We can suggest such word by machine-learning from the texts from news, blogs, and Twitters.

How does the app work?

Try the demo by clicking here! Screenshot

  • Type some words in Input box. A word prediction appears in Candiates box.
  • When a candiate is availalbe, type “#1” as the shortcut to enter the word.
  • Choose the number in the settings to change the number of candidates to predict.
  • Extra! You can tweet to the author from the app.

Prediction algorithm

  • Uni, bi, tri, and 4-grams language models are created from the source text. Each n-gram are sorted with the counts.
  • Given an input with up-to 3 words, find the n-gram with the highest count, and calcuate the conditional probability. Discount the probability by 40% as “backing-off” to lower order n-grams:

\[ S(w_{i}|w_{i-(n-1)},...,w_{i-1}) = 0.4^{4-n}\frac{count(w_{i-(n-1)},...,w_{i-1}, w_{i})}{count(w_{i-(n-1)},...,w_{i-1})} \]
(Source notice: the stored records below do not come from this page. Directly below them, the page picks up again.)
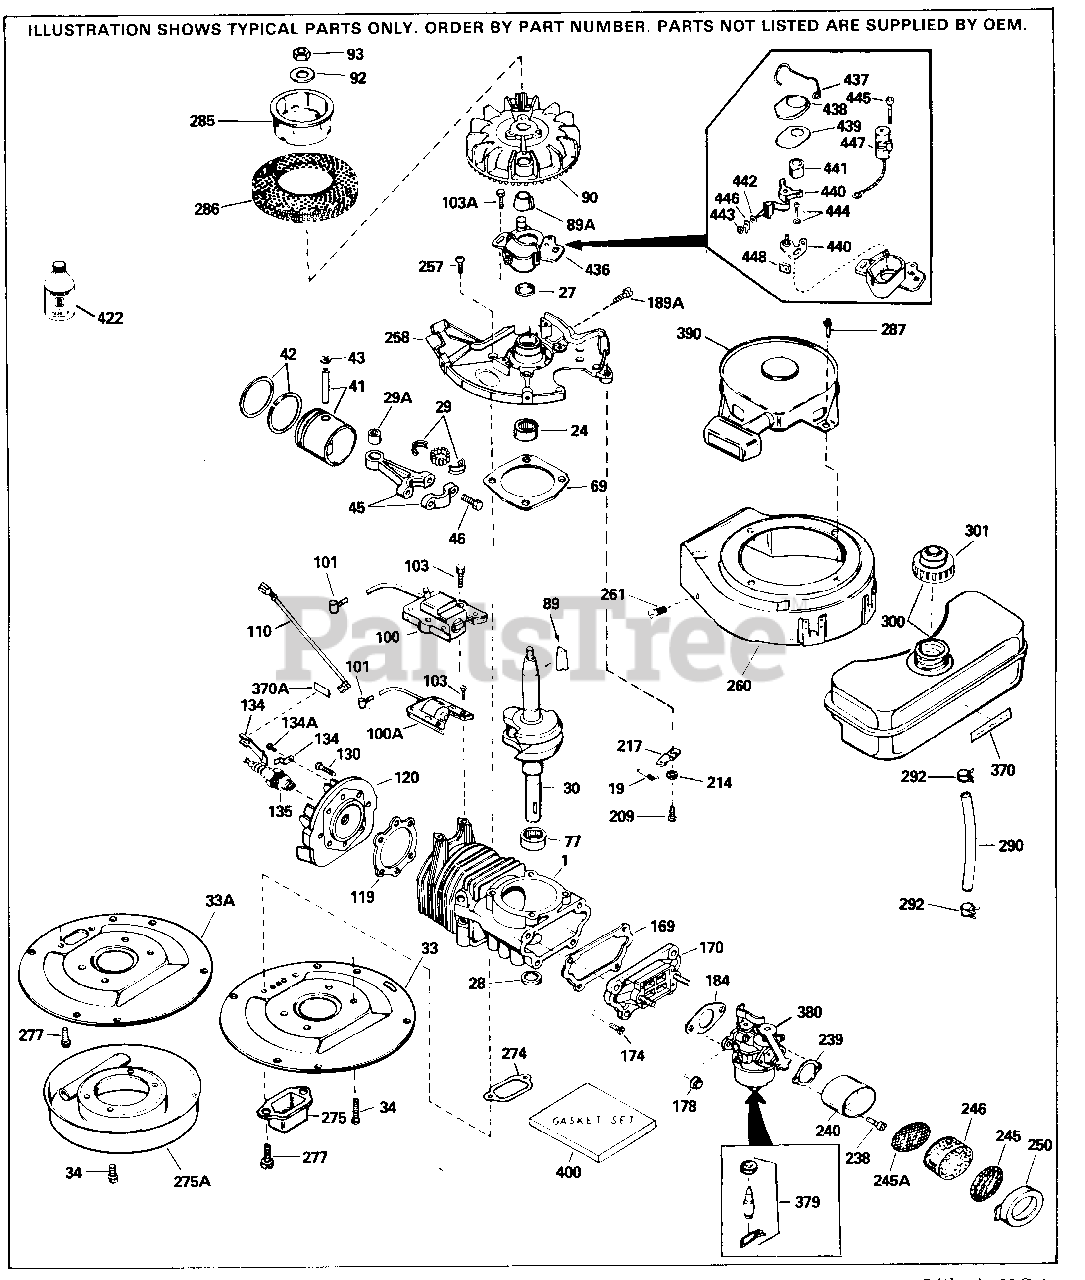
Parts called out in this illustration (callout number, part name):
1	"Cylinder Order s/b if replacement is req.
19	Spring, Governor
24	Bearing, Cartridge
27	Seal, Crankshaft
28	Oil Seal
29	Bearing & Liner Set, Needle 37 needl es
29A	Bearing, Cartridge
30	Crankshaft
33A	Ring, Adapter (8" B.C.)
34	Screw, 5/16-18 x 1/2"
41	Piston & Pin Ass'y. (Incl. 43)
42	Ring Set, Piston
43	Ring, Piston pin retaining
45	Rod Assy., Connecting Incl. 29,29A,4 6
46	Screw, Connecting rod
69	* Gasket, Housing base
77	Bearing, Cartridge
89A	Sleeve, Keyed adapter (Solid State)
90	Flywheel
92	Washer, Belleville
93	Nut, Hex Jam
100	Solid State Assy.
101	Terminal, Lead wire
103	Screw, 10-24 x 1"
119	* Gasket, Cylinder head
120	Cylinder Head
130	Screw, Torx T-30, 1/4-20 x 3/4"
134	Stop Lever Assy.
134A	Screw, 1/4-20 x 1/2"
135	Resistor Spark Plug - RJ17LM
169	* Gasket, Reed plate
170	Plate Assy., Reed (Incl. 178)
174	Screw, Torx T-25, 10-24 x 1/2"
178	Nut, lock, 1/4-20
184	* Gasket, Carburetor
209	Screw, 10-24 x 1/2"
214	Washer, Flat No. 10
217	Lever, Adjustment
238	Screw, Torx T-25, 10-32 x 5/8"
239	* Gasket, Air cleaner
240	Body, Air cleaner
245	Air Filter
245A	Air Filter
246	Air Filter
250	Cover, Air cleaner
257	Screw, 1/4-20 x 5/8"
258	Base Assy., Housing (Incl. 24 & 27)
260	Blower Housing
261	Screw, 1/4-20 x 7/16"
274	* Gasket, Exhaust
275A	Muffler
285	Cup, Starter
286	Screen, Starter cup
287	Rivet (Can be purchased locally)
290	Fuel Line (8.62")
292	Fuel Line Clamp
300	Fuel Tank (Incl. 301)
301	Fuel Cap
370	Decal, Instruction
370A	Decal, Stop
379	Inlet Needle, Seat & Clip Assy.
380	Carburetor (Incl. 184) (Refer to Divi sion 5, Section A, page A1-26 or Fich e 23B, Grid F-9 for breakdown
390	Rewind Starter Refer to Division 5, S ection C, page 25 or Fiche 23B, Grid G-11for breakdown
400	* Gasket Set (Incl. items marked *)
422	2-Cycle Oil with Fuel Stabilizer - 8 oz.

  • Sort the prediction by the probability and display from the highest probability.
  • Full description can be found here
  • Source code is availabe from here

How I made it lighter and faster

plot of chunk unnamed-chunk-1 The distribution of n-gram frequency. The count is in log(10) scale

  • Observation: Majority of the 4-gram and trigram entities appear only once.
  • Removing one-time appearances by approximating with n-1 gram reduced the data from 1.2GB to 257MB, and made the computation much faster.
  • Also used word dicitonary hashtable for reducing the memory footprint and computation time (vs. query by strings).